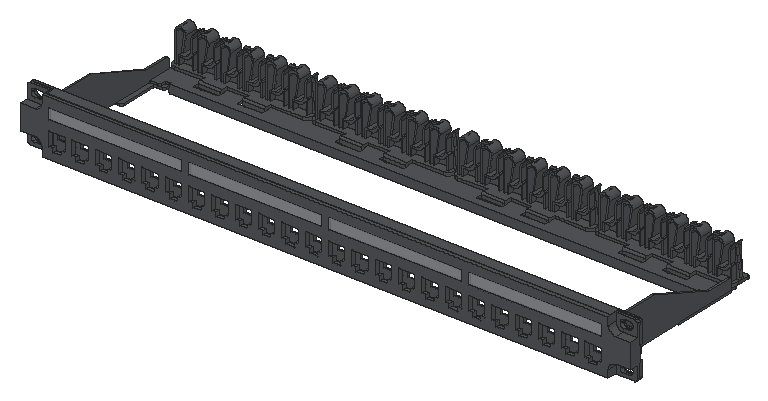
Revit family "Panneau de brassage", category Equipement spécialisé, Revit 2020 (continued)
Forms (mm)
  Extrusion 141, solid, material "IDS_NOIR" <- "Couleur"
    sketch origin (154.436, 226.765, 1200) x (-1, 0, 0) y (0, 0, 1)
      loop
        line (-27.764, -1188.4) -> (-17.964, -1188.4) -> (-17.964, -1182.6) -> (-21.764, -1182.6)
        arc (-21.764, -1182.6) -> (-24.979, -1181.666) -> (-27.193, -1179.156) r 6
        arc (-27.193, -1179.156) -> (-27.53, -1178.991) -> (-27.764, -1179.283) r 0.3
        line (-27.764, -1179.283) -> (-27.764, -1188.4)
      loop
        line (-16.764, -1182.4) -> (-16.764, -1188.4) -> (-15.004, -1188.4) -> (-15.004, -1182.4) -> (-16.764, -1182.4)
    from 1 to -1
  Extrusion 142, solid, material "IDS_NOIR" <- "Couleur"
    sketch origin (172.436, 226.765, 1200) x (-1, 0, 0) y (0, 0, 1)
      loop
        line (-28.964, -1163.4) -> (-28.964, -1173.921)
        arc (-28.964, -1173.921) -> (-29.228, -1174.219) -> (-29.555, -1173.994) r 0.3
        line (-29.555, -1173.994) -> (-31.804, -1165.028) -> (-31.804, -1188.4) -> (-28.964, -1188.4) -> (-28.964, -1178.068)
        arc (-28.964, -1178.068) -> (-28.87, -1177.644) -> (-28.605, -1177.3) r 1
        line (-28.605, -1177.3) -> (-27.764, -1176.6) -> (-27.764, -1166.45) -> (-28.964, -1163.4)
      loop
        line (-27.764, -1188.4) -> (-17.964, -1188.4) -> (-17.964, -1182.6) -> (-21.764, -1182.6)
        arc (-21.764, -1182.6) -> (-24.979, -1181.666) -> (-27.193, -1179.156) r 6
        arc (-27.193, -1179.156) -> (-27.53, -1178.991) -> (-27.764, -1179.283) r 0.3
        line (-27.764, -1179.283) -> (-27.764, -1188.4)
      loop
        line (-16.764, -1182.4) -> (-16.764, -1188.4) -> (-15.004, -1188.4) -> (-15.004, -1182.4) -> (-16.764, -1182.4)
    from 1 to -1
  Extrusion 143, solid, material "IDS_NOIR" <- "Couleur"
    sketch origin (190.436, 226.765, 1200) x (-1, 0, 0) y (0, 0, 1)
      loop
        line (-32.464, -1188.4) -> (-28.964, -1188.4) -> (-28.964, -1178.068)
        arc (-28.964, -1178.068) -> (-28.87, -1177.644) -> (-28.605, -1177.3) r 1
        line (-28.605, -1177.3) -> (-27.764, -1176.6) -> (-27.764, -1166.45) -> (-28.819, -1163.769) -> (-32.464, -1188.4)
      loop
        line (-27.764, -1188.4) -> (-17.964, -1188.4) -> (-17.964, -1182.6) -> (-21.764, -1182.6)
        arc (-21.764, -1182.6) -> (-24.979, -1181.666) -> (-27.193, -1179.156) r 6
        arc (-27.193, -1179.156) -> (-27.53, -1178.991) -> (-27.764, -1179.283) r 0.3
        line (-27.764, -1179.283) -> (-27.764, -1188.4)
      loop
        line (-16.764, -1182.4) -> (-16.764, -1188.4) -> (-15.004, -1188.4) -> (-15.004, -1182.4) -> (-16.764, -1182.4)
    from 1 to -1
  Extrusion 144, solid, material "IDS_NOIR" <- "Couleur"
    sketch origin (100.436, 226.765, 1200) x (-1, 0, 0) y (0, 0, 1)
      loop
        arc (-36.054, -1161.15) -> (-33.708, -1161.856) -> (-32.142, -1163.74) r 4.25
        arc (-32.142, -1163.74) -> (-32.055, -1162.798) -> (-31.221, -1162.35) r 1
        line (-31.221, -1162.35) -> (-28.964, -1162.35) -> (-28.964, -1161.15) -> (-36.054, -1161.15)
    from -1 to 1
  Extrusion 145, solid, material "IDS_NOIR" <- "Couleur"
    sketch origin (118.436, 226.765, 1200) x (-1, 0, 0) y (0, 0, 1)
      loop
        arc (-36.054, -1161.15) -> (-33.708, -1161.856) -> (-32.142, -1163.74) r 4.25
        arc (-32.142, -1163.74) -> (-32.055, -1162.798) -> (-31.221, -1162.35) r 1
        line (-31.221, -1162.35) -> (-28.964, -1162.35) -> (-28.964, -1161.15) -> (-36.054, -1161.15)
    from -1 to 1
  Extrusion 146, solid, material "IDS_NOIR" <- "Couleur"
    sketch origin (136.436, 226.765, 1200) x (-1, 0, 0) y (0, 0, 1)
      loop
        arc (-36.054, -1161.15) -> (-33.708, -1161.856) -> (-32.142, -1163.74) r 4.25
        arc (-32.142, -1163.74) -> (-32.055, -1162.798) -> (-31.221, -1162.35) r 1
        line (-31.221, -1162.35) -> (-28.964, -1162.35) -> (-28.964, -1161.15) -> (-36.054, -1161.15)
    from -1 to 1
  Extrusion 147, solid, material "IDS_NOIR" <- "Couleur"
    sketch origin (154.436, 226.765, 1200) x (-1, 0, 0) y (0, 0, 1)
      loop
        arc (-36.054, -1161.15) -> (-33.708, -1161.856) -> (-32.142, -1163.74) r 4.25
        arc (-32.142, -1163.74) -> (-32.055, -1162.798) -> (-31.221, -1162.35) r 1
        line (-31.221, -1162.35) -> (-28.964, -1162.35) -> (-28.964, -1161.15) -> (-36.054, -1161.15)
    from -1 to 1
  Extrusion 148, solid, material "IDS_NOIR" <- "Couleur"
    sketch origin (172.436, 226.765, 1200) x (-1, 0, 0) y (0, 0, 1)
      loop
        arc (-36.054, -1161.15) -> (-33.708, -1161.856) -> (-32.142, -1163.74) r 4.25
        arc (-32.142, -1163.74) -> (-32.055, -1162.798) -> (-31.221, -1162.35) r 1
        line (-31.221, -1162.35) -> (-28.964, -1162.35) -> (-28.964, -1161.15) -> (-36.054, -1161.15)
    from -1 to 1
  Extrusion 149, solid, material "IDS_NOIR" <- "Couleur"
    sketch origin (335.6, 127.2, 9.6) x (1, 0, 0) y (0, 1, 0)
      loop
        line (5.4, 91.1) -> (106.4, 91.1)
        arc (106.4, 91.1) -> (109.936, 92.564) -> (111.4, 96.1) r 5
        line (111.4, 96.1) -> (111.4, 105.6)
        arc (111.4, 105.6) -> (110.814, 107.014) -> (109.4, 107.6) r 2
        line (109.4, 107.6) -> (2.4, 107.6)
        arc (2.4, 107.6) -> (0.986, 107.014) -> (0.4, 105.6) r 2
        line (0.4, 105.6) -> (0.4, 96.1)
        arc (0.4, 96.1) -> (1.864, 92.564) -> (5.4, 91.1) r 5
    from 0 to 2
  Extrusion 150, solid, material "IDS_NOIR" <- "Couleur"
    sketch origin (364.5, 239.845, 1200) x (0, 1, 0) y (0, 0, 1)
      loop
        line (-21.545, -1190.4) -> (-21.545, -1188.4) -> (-26.045, -1188.4)
        arc (-26.045, -1188.4) -> (-27.106, -1188.839) -> (-27.545, -1189.9) r 1.5
        line (-27.545, -1189.9) -> (-27.545, -1192.9)
        arc (-27.545, -1192.9) -> (-27.106, -1193.961) -> (-26.045, -1194.4) r 1.5
        line (-26.045, -1194.4) -> (-23.545, -1194.4) -> (-23.545, -1192.4) -> (-25.545, -1192.4) -> (-25.545, -1190.4) -> (-21.545, -1190.4)
    from 0 to 18
  Extrusion 151, solid, material "IDS_NOIR" <- "Couleur"
    sketch origin (417.3, 239.845, 1200) x (0, 1, 0) y (0, 0, -1)
      loop
        line (-21.545, 1190.4) -> (-25.545, 1190.4) -> (-25.545, 1192.4) -> (-23.545, 1192.4) -> (-23.545, 1194.4) -> (-26.045, 1194.4)
        arc (-26.045, 1194.4) -> (-27.106, 1193.961) -> (-27.545, 1192.9) r 1.5
        line (-27.545, 1192.9) -> (-27.545, 1189.9)
        arc (-27.545, 1189.9) -> (-27.106, 1188.839) -> (-26.045, 1188.4) r 1.5
        line (-26.045, 1188.4) -> (-21.545, 1188.4) -> (-21.545, 1190.4)
    from 0 to 18
  Extrusion 152, solid, material "IDS_NOIR" <- "Couleur"
    sketch origin (341, 247.204, 1200) x (0, 1, 0) y (0, 0, 1)
      loop
        line (-12.404, -1190.401) -> (-13.654, -1190.401) -> (-13.654, -1195.9) -> (-12.404, -1195.9) -> (-12.404, -1190.401)
    from 0 to 22
  Extrusion 153, solid
    sketch origin (343.5, 236.327, 1200) x (0, 1, 0) y (0, 0, 1)
      loop
        line (-4.027, -1192.4) -> (-4.027, -1195.9) -> (-2.777, -1195.9) -> (-2.777, -1192.4) -> (-4.027, -1192.4)
    from 0 to 4
  Extrusion 154, void
    sketch origin (341, 247.204, 1200) x (0, -1, 0) y (0, 0, 1)
      loop
        line (12.904, -1195.9) -> (14.904, -1195.9) -> (14.904, -1193.4) -> (12.904, -1195.9)
    from 0 to -22
  Extrusion 155, solid, material "IDS_NOIR" <- "Couleur"
    sketch origin (440.8, 247.204, 1200) x (0, 1, 0) y (0, 0, -1)
      loop
        line (-12.404, 1190.401) -> (-12.404, 1195.9) -> (-13.654, 1195.9) -> (-13.654, 1190.401) -> (-12.404, 1190.401)
    from 0 to 22
  Extrusion 156, solid
    sketch origin (438.3, 236.327, 1200) x (0, 1, 0) y (0, 0, -1)
      loop
        line (-4.027, 1192.4) -> (-2.777, 1192.4) -> (-2.777, 1195.9) -> (-4.027, 1195.9) -> (-4.027, 1192.4)
    from 0 to 4
  Extrusion 157, void
    sketch origin (440.8, 247.204, 1200) x (0, -1, 0) y (0, 0, -1)
      loop
        line (12.904, 1195.9) -> (14.904, 1193.4) -> (14.904, 1195.9) -> (12.904, 1195.9)
    from 0 to -22
  Extrusion 158, solid, material "IDS_NOIR" <- "Couleur"
    sketch origin (307.6, 231.765, 1200) x (-1, 0, 0) y (0, 0, 1)
      loop
        line (-30.74, -1188.4) -> (-30.74, -1165.4)
        arc (-30.74, -1165.4) -> (-35.283, -1161.16) -> (-39.2, -1165.985) r 4.25
        line (-39.2, -1165.985) -> (-37.4, -1178.928) -> (-36.211, -1178.763) -> (-38.011, -1165.82)
        arc (-38.011, -1165.82) -> (-35.201, -1162.357) -> (-31.94, -1165.4) r 3.05
        line (-31.94, -1165.4) -> (-31.94, -1188.4) -> (-30.74, -1188.4)
      loop
        line (-44.7, -1176.6) -> (-45.54, -1177.3)
        arc (-45.54, -1177.3) -> (-45.806, -1177.644) -> (-45.9, -1178.068) r 1
        line (-45.9, -1178.068) -> (-45.9, -1188.4) -> (-44.7, -1188.4) -> (-44.7, -1179.283)
        arc (-44.7, -1179.283) -> (-44.465, -1178.991) -> (-44.129, -1179.156) r 0.3
        arc (-44.129, -1179.156) -> (-41.915, -1181.666) -> (-38.7, -1182.6) r 6
        line (-38.7, -1182.6) -> (-34.9, -1182.6) -> (-34.9, -1188.4) -> (-33.7, -1188.4) -> (-33.7, -1182.4)
        arc (-33.7, -1182.4) -> (-33.993, -1181.693) -> (-34.7, -1181.4) r 1
        line (-34.7, -1181.4) -> (-37.5, -1181.4)
        arc (-37.5, -1181.4) -> (-41.743, -1179.643) -> (-43.5, -1175.4) r 6
        line (-43.5, -1175.4) -> (-43.5, -1166.45) -> (-44.7, -1163.4) -> (-45.9, -1163.4) -> (-44.7, -1166.45) -> (-44.7, -1176.6)
    from 0 to -10
  Extrusion 159, solid, material "IDS_NOIR" <- "Couleur"
    sketch origin (325.6, 231.765, 1200) x (-1, 0, 0) y (0, 0, 1)
      loop
        line (-30.74, -1188.4) -> (-30.74, -1165.4)
        arc (-30.74, -1165.4) -> (-35.283, -1161.16) -> (-39.2, -1165.985) r 4.25
        line (-39.2, -1165.985) -> (-37.4, -1178.928) -> (-36.211, -1178.763) -> (-38.011, -1165.82)
        arc (-38.011, -1165.82) -> (-35.201, -1162.357) -> (-31.94, -1165.4) r 3.05
        line (-31.94, -1165.4) -> (-31.94, -1188.4) -> (-30.74, -1188.4)
      loop
        line (-44.7, -1176.6) -> (-45.54, -1177.3)
        arc (-45.54, -1177.3) -> (-45.806, -1177.644) -> (-45.9, -1178.068) r 1
        line (-45.9, -1178.068) -> (-45.9, -1188.4) -> (-44.7, -1188.4) -> (-44.7, -1179.283)
        arc (-44.7, -1179.283) -> (-44.465, -1178.991) -> (-44.129, -1179.156) r 0.3
        arc (-44.129, -1179.156) -> (-41.915, -1181.666) -> (-38.7, -1182.6) r 6
        line (-38.7, -1182.6) -> (-34.9, -1182.6) -> (-34.9, -1188.4) -> (-33.7, -1188.4) -> (-33.7, -1182.4)
        arc (-33.7, -1182.4) -> (-33.993, -1181.693) -> (-34.7, -1181.4) r 1
        line (-34.7, -1181.4) -> (-37.5, -1181.4)
        arc (-37.5, -1181.4) -> (-41.743, -1179.643) -> (-43.5, -1175.4) r 6
        line (-43.5, -1175.4) -> (-43.5, -1166.45) -> (-44.7, -1163.4) -> (-45.9, -1163.4) -> (-44.7, -1166.45) -> (-44.7, -1176.6)
    from 0 to -10
  Extrusion 160, solid, material "IDS_NOIR" <- "Couleur"
    sketch origin (343.6, 231.765, 1200) x (-1, 0, 0) y (0, 0, 1)
      loop
        line (-30.74, -1188.4) -> (-30.74, -1165.4)
        arc (-30.74, -1165.4) -> (-35.283, -1161.16) -> (-39.2, -1165.985) r 4.25
        line (-39.2, -1165.985) -> (-37.4, -1178.928) -> (-36.211, -1178.763) -> (-38.011, -1165.82)
        arc (-38.011, -1165.82) -> (-35.201, -1162.357) -> (-31.94, -1165.4) r 3.05
        line (-31.94, -1165.4) -> (-31.94, -1188.4) -> (-30.74, -1188.4)
      loop
        line (-44.7, -1176.6) -> (-45.54, -1177.3)
        arc (-45.54, -1177.3) -> (-45.806, -1177.644) -> (-45.9, -1178.068) r 1
        line (-45.9, -1178.068) -> (-45.9, -1188.4) -> (-44.7, -1188.4) -> (-44.7, -1179.283)
        arc (-44.7, -1179.283) -> (-44.465, -1178.991) -> (-44.129, -1179.156) r 0.3
        arc (-44.129, -1179.156) -> (-41.915, -1181.666) -> (-38.7, -1182.6) r 6
        line (-38.7, -1182.6) -> (-34.9, -1182.6) -> (-34.9, -1188.4) -> (-33.7, -1188.4) -> (-33.7, -1182.4)
        arc (-33.7, -1182.4) -> (-33.993, -1181.693) -> (-34.7, -1181.4) r 1
        line (-34.7, -1181.4) -> (-37.5, -1181.4)
        arc (-37.5, -1181.4) -> (-41.743, -1179.643) -> (-43.5, -1175.4) r 6
        line (-43.5, -1175.4) -> (-43.5, -1166.45) -> (-44.7, -1163.4) -> (-45.9, -1163.4) -> (-44.7, -1166.45) -> (-44.7, -1176.6)
    from 0 to -10
  Extrusion 161, solid, material "IDS_NOIR" <- "Couleur"
    sketch origin (361.6, 231.765, 1200) x (-1, 0, 0) y (0, 0, 1)
      loop
        line (-30.74, -1188.4) -> (-30.74, -1165.4)
        arc (-30.74, -1165.4) -> (-35.283, -1161.16) -> (-39.2, -1165.985) r 4.25
        line (-39.2, -1165.985) -> (-37.4, -1178.928) -> (-36.211, -1178.763) -> (-38.011, -1165.82)
        arc (-38.011, -1165.82) -> (-35.201, -1162.357) -> (-31.94, -1165.4) r 3.05
        line (-31.94, -1165.4) -> (-31.94, -1188.4) -> (-30.74, -1188.4)
      loop
        line (-44.7, -1176.6) -> (-45.54, -1177.3)
        arc (-45.54, -1177.3) -> (-45.806, -1177.644) -> (-45.9, -1178.068) r 1
        line (-45.9, -1178.068) -> (-45.9, -1188.4) -> (-44.7, -1188.4) -> (-44.7, -1179.283)
        arc (-44.7, -1179.283) -> (-44.465, -1178.991) -> (-44.129, -1179.156) r 0.3
        arc (-44.129, -1179.156) -> (-41.915, -1181.666) -> (-38.7, -1182.6) r 6
        line (-38.7, -1182.6) -> (-34.9, -1182.6) -> (-34.9, -1188.4) -> (-33.7, -1188.4) -> (-33.7, -1182.4)
        arc (-33.7, -1182.4) -> (-33.993, -1181.693) -> (-34.7, -1181.4) r 1
        line (-34.7, -1181.4) -> (-37.5, -1181.4)
        arc (-37.5, -1181.4) -> (-41.743, -1179.643) -> (-43.5, -1175.4) r 6
        line (-43.5, -1175.4) -> (-43.5, -1166.45) -> (-44.7, -1163.4) -> (-45.9, -1163.4) -> (-44.7, -1166.45) -> (-44.7, -1176.6)
    from 0 to -10
  Extrusion 162, solid, material "IDS_NOIR" <- "Couleur"
    sketch origin (379.6, 231.765, 1200) x (-1, 0, 0) y (0, 0, 1)
      loop
        line (-30.74, -1188.4) -> (-30.74, -1165.4)
        arc (-30.74, -1165.4) -> (-35.283, -1161.16) -> (-39.2, -1165.985) r 4.25
        line (-39.2, -1165.985) -> (-37.4, -1178.928) -> (-36.211, -1178.763) -> (-38.011, -1165.82)
        arc (-38.011, -1165.82) -> (-35.201, -1162.357) -> (-31.94, -1165.4) r 3.05
        line (-31.94, -1165.4) -> (-31.94, -1188.4) -> (-30.74, -1188.4)
      loop
        line (-44.7, -1176.6) -> (-45.54, -1177.3)
        arc (-45.54, -1177.3) -> (-45.806, -1177.644) -> (-45.9, -1178.068) r 1
        line (-45.9, -1178.068) -> (-45.9, -1188.4) -> (-44.7, -1188.4) -> (-44.7, -1179.283)
        arc (-44.7, -1179.283) -> (-44.465, -1178.991) -> (-44.129, -1179.156) r 0.3
        arc (-44.129, -1179.156) -> (-41.915, -1181.666) -> (-38.7, -1182.6) r 6
        line (-38.7, -1182.6) -> (-34.9, -1182.6) -> (-34.9, -1188.4) -> (-33.7, -1188.4) -> (-33.7, -1182.4)
        arc (-33.7, -1182.4) -> (-33.993, -1181.693) -> (-34.7, -1181.4) r 1
        line (-34.7, -1181.4) -> (-37.5, -1181.4)
        arc (-37.5, -1181.4) -> (-41.743, -1179.643) -> (-43.5, -1175.4) r 6
        line (-43.5, -1175.4) -> (-43.5, -1166.45) -> (-44.7, -1163.4) -> (-45.9, -1163.4) -> (-44.7, -1166.45) -> (-44.7, -1176.6)
    from 0 to -10
  Extrusion 163, solid, material "IDS_NOIR" <- "Couleur"
    sketch origin (397.6, 231.765, 1200) x (-1, 0, 0) y (0, 0, 1)
      loop
        line (-30.74, -1188.4) -> (-30.74, -1165.4)
        arc (-30.74, -1165.4) -> (-35.283, -1161.16) -> (-39.2, -1165.985) r 4.25
        line (-39.2, -1165.985) -> (-37.4, -1178.928) -> (-36.211, -1178.763) -> (-38.011, -1165.82)
        arc (-38.011, -1165.82) -> (-35.201, -1162.357) -> (-31.94, -1165.4) r 3.05
        line (-31.94, -1165.4) -> (-31.94, -1188.4) -> (-30.74, -1188.4)
      loop
        line (-44.7, -1176.6) -> (-45.54, -1177.3)
        arc (-45.54, -1177.3) -> (-45.806, -1177.644) -> (-45.9, -1178.068) r 1
        line (-45.9, -1178.068) -> (-45.9, -1188.4) -> (-44.7, -1188.4) -> (-44.7, -1179.283)
        arc (-44.7, -1179.283) -> (-44.465, -1178.991) -> (-44.129, -1179.156) r 0.3
        arc (-44.129, -1179.156) -> (-41.915, -1181.666) -> (-38.7, -1182.6) r 6
        line (-38.7, -1182.6) -> (-34.9, -1182.6) -> (-34.9, -1188.4) -> (-33.7, -1188.4) -> (-33.7, -1182.4)
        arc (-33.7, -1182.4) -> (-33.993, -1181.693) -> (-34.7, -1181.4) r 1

#### Action item
Look over the listing. Pull out every line with the string "void" in it.

#### Answer box
  Extrusion 154, void
  Extrusion 157, void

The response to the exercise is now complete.